MARELLE-MÉMOIRE
photos de Gérard Rondeau
Marval
1998
On ne choisit pas son lieu de naissance,
comme on ne choisit pas de naître. C'est au fond la seule décision qui échappe.
Évidemment, ce n'est pas rien. A peine débarqué : déjà repéré et lesté.
Nom, prénoms ; date et adresse d'origine. Qu'importe où voguera plus tard
la galère, il reste cet ancrage, ce point fixe autour de quoi tournent les
horizons et s'orientent les cartes, ce territoire d'enfance qui, serait-on
au bord du Gange, au nord du Cercle polaire ou sur la Route de la Soie, n'est
jamais à distance.
Il suffit d'un orage, du feulement d'une faux dans l'herbe, d'une touffe de
coquelicots sur un talus, pour que se lèvent des galops de mémoire. Alors
revient la nuit où la foudre a frappé le Grand-Chêne, alors remonte aux narines
l'odeur du foin des derniers jours de juin, alors se flétrit d'un coup la
fleur rouge au cœur noir qui jamais ne supporte d'être cueillie et qui n'est
fascinante, éclatante, sublime, que sauvage. Babûr le conquérant, fondateur
de l'Empire moghol, situait le centre du monde à Kaboul. C'était la ville
qui l'avait fait roi et c'était, en 1504, pas loin du paradis sur terre. J'ai
longtemps rêvé, y compris à Kaboul ou dans les déserts afghans, de cette localisation
idéale. Babûr l'avait plutôt bien choisie mais, tout maître de l'univers qu'il
était, il usait là d'un pouvoir qui n'était pas en son pouvoir. Car personne
ne règne sur une fable aussi partagée, chacun occupant à son heure, parfois
à son corps défendant, une parcelle illusoire surchargée de racines, d'émotions,
de secrets, d'hymnes, d'éboulis, de statues, de murmures, de vieux clichés
: lambeau d'apanage entre magie et dérision, soudain cible inexpugnable, noyau
infracassable de soi, centre personnel, portatif et inviolable du monde.

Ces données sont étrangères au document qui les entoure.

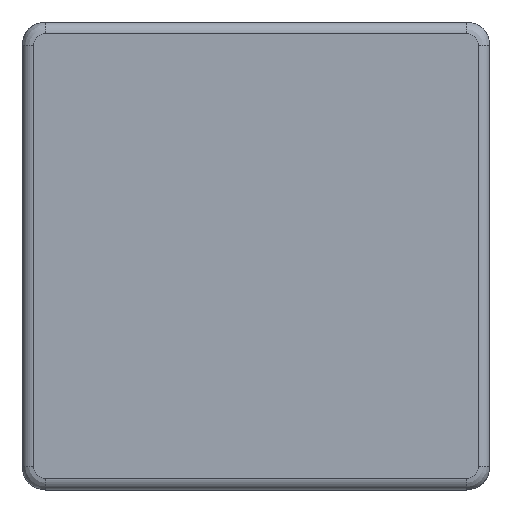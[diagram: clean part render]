
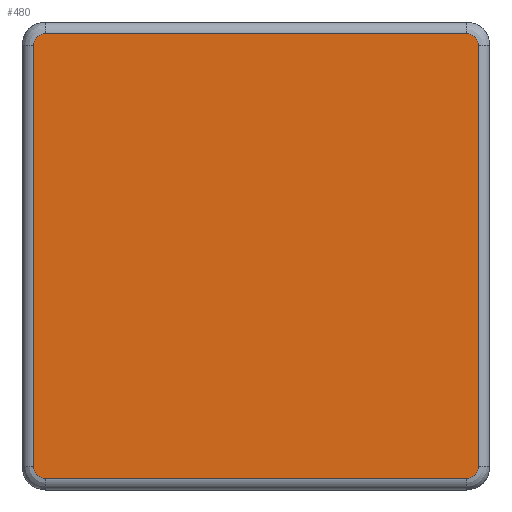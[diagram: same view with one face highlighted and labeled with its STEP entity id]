
A CAD part, left-side view. The second image highlights one B-rep face of the part: STEP entity #480.
In plain terms, the highlighted planar face has unit normal (-1, 0, 0).
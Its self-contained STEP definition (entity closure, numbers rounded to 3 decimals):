
#32=PLANE('',#559);
#55=LINE('',#884,#83);
#57=LINE('',#888,#85);
#58=LINE('',#889,#86);
#59=LINE('',#890,#87);
#83=VECTOR('',#702,10.);
#85=VECTOR('',#708,10.);
#86=VECTOR('',#709,10.);
#87=VECTOR('',#710,10.);
#131=FACE_OUTER_BOUND('',#165,.T.);
#165=EDGE_LOOP('',(#408,#409,#410,#411,#412,#413,#414,#415));
#187=CIRCLE('',#517,0.5);
#191=CIRCLE('',#521,0.5);
#195=CIRCLE('',#525,0.5);
#199=CIRCLE('',#529,0.5);
#222=VERTEX_POINT('',#766);
#225=VERTEX_POINT('',#771);
#226=VERTEX_POINT('',#783);
#229=VERTEX_POINT('',#788);
#230=VERTEX_POINT('',#800);
#233=VERTEX_POINT('',#805);
#234=VERTEX_POINT('',#817);
#237=VERTEX_POINT('',#822);
#265=EDGE_CURVE('',#225,#222,#187,.T.);
#269=EDGE_CURVE('',#229,#226,#191,.T.);
#273=EDGE_CURVE('',#233,#230,#195,.T.);
#277=EDGE_CURVE('',#237,#234,#199,.T.);
#309=EDGE_CURVE('',#226,#225,#55,.T.);
#311=EDGE_CURVE('',#234,#229,#57,.T.);
#312=EDGE_CURVE('',#230,#237,#58,.T.);
#313=EDGE_CURVE('',#222,#233,#59,.T.);
#408=ORIENTED_EDGE('',*,*,#265,.F.);
#409=ORIENTED_EDGE('',*,*,#309,.F.);
#410=ORIENTED_EDGE('',*,*,#269,.F.);
#411=ORIENTED_EDGE('',*,*,#311,.F.);
#412=ORIENTED_EDGE('',*,*,#277,.F.);
#413=ORIENTED_EDGE('',*,*,#312,.F.);
#414=ORIENTED_EDGE('',*,*,#273,.F.);
#415=ORIENTED_EDGE('',*,*,#313,.F.);
#480=ADVANCED_FACE('',(#131),#32,.F.);
#517=AXIS2_PLACEMENT_3D('',#773,#603,#604);
#521=AXIS2_PLACEMENT_3D('',#790,#611,#612);
#525=AXIS2_PLACEMENT_3D('',#807,#619,#620);
#529=AXIS2_PLACEMENT_3D('',#824,#627,#628);
#559=AXIS2_PLACEMENT_3D('',#887,#706,#707);
#603=DIRECTION('center_axis',(1.,0.,0.));
#604=DIRECTION('ref_axis',(0.,-0.707,-0.707));
#611=DIRECTION('center_axis',(1.,0.,0.));
#612=DIRECTION('ref_axis',(0.,-0.707,0.707));
#619=DIRECTION('center_axis',(1.,0.,0.));
#620=DIRECTION('ref_axis',(0.,0.707,-0.707));
#627=DIRECTION('center_axis',(1.,0.,0.));
#628=DIRECTION('ref_axis',(0.,0.707,0.707));
#702=DIRECTION('',(0.,0.,-1.));
#706=DIRECTION('center_axis',(1.,0.,0.));
#707=DIRECTION('ref_axis',(0.,1.,0.));
#708=DIRECTION('',(0.,-1.,0.));
#709=DIRECTION('',(0.,0.,1.));
#710=DIRECTION('',(0.,1.,0.));
#766=CARTESIAN_POINT('',(0.,-9.,-9.5));
#771=CARTESIAN_POINT('',(0.,-9.5,-9.));
#773=CARTESIAN_POINT('Origin',(0.,-9.,-9.));
#783=CARTESIAN_POINT('',(0.,-9.5,9.));
#788=CARTESIAN_POINT('',(0.,-9.,9.5));
#790=CARTESIAN_POINT('Origin',(0.,-9.,9.));
#800=CARTESIAN_POINT('',(0.,9.5,-9.));
#805=CARTESIAN_POINT('',(0.,9.,-9.5));
#807=CARTESIAN_POINT('Origin',(0.,9.,-9.));
#817=CARTESIAN_POINT('',(0.,9.,9.5));
#822=CARTESIAN_POINT('',(0.,9.5,9.));
#824=CARTESIAN_POINT('Origin',(0.,9.,9.));
#884=CARTESIAN_POINT('',(0.,-9.5,5.));
#887=CARTESIAN_POINT('Origin',(0.,0.,0.));
#888=CARTESIAN_POINT('',(0.,5.,9.5));
#889=CARTESIAN_POINT('',(0.,9.5,-5.));
#890=CARTESIAN_POINT('',(0.,-5.,-9.5));

Si je n'ai aucun souvenir du premier février d'après-guerre dans les Ardennes,
ni de la neige qui bloquait les accès à Signy l'Abbaye, j'affirme pourtant
que j'y étais. On me l'a fait savoir. Et maintenant je le sais. J'arrivais
dans un village libéré, sauf du verglas qui avait mis le siège depuis peu.
Cet isolement, toujours mentionné dans les chroniques familiales, changeait
de nature par simple inflexion de voix : de refuge protecteur il pouvait devenir
menace. Être " coupé de l'extérieur " disait en effet d'un seul souffle que
l'on était à l'abri, mais sans ravitaillement. Alentour, tout devait être
blanc.
En moi, l'empreinte la plus ancienne est d'une autre saison. Deux ans plus
tard, sans doute. C'est une image sombre, presque ténébreuse, avec très haut
une percée aveuglante, un prisme qui attire et qui blesse. Je dois me tenir
sous le couvert des arbres et la lumière m'a pris pour cible. Aucune preuve
du plein été, sinon que j'en suis sûr. Hors cadre, il y a des bourdons, des
guêpes, des taons, des libellules qui rayent le silence. Un peu de vent dans
les feuilles. Je suis seul. Je n'ai pas peur de me perdre. La forêt m'offre
un royaume démesuré.
Une seconde vision se détache nettement, comme une flèche sur un mur. C'est
la passage du petit train au travers de la place et sa disparition dans le
ruelle, à l'angle du monument aux morts. Le mouvement prime sur le décor.
Je n'ai pas idée des voyageurs ni d'une quelconque animation. Juste l'élan
de la locomotive, un soupçon de fumée, un bruit de roues et de fourgons secoués.
Ai-je vraiment entendu le sifflet que je crois entendre, ou me l'a-t-on imité
? Quoi qu'il en soit, je ne suis jamais monté dans ces wagons-là. Sitôt entrevue,
la ligne qui menait à Charleville a été démantelée, et les rails arrachés.
Ensuite, le temps déborde. Regards, caresses, fêtes, randonnées, déchiffrements,
repères, études, raisonnements, expériences, songeries, blessures, sursauts,
départs, retours, oublis, retrouvailles.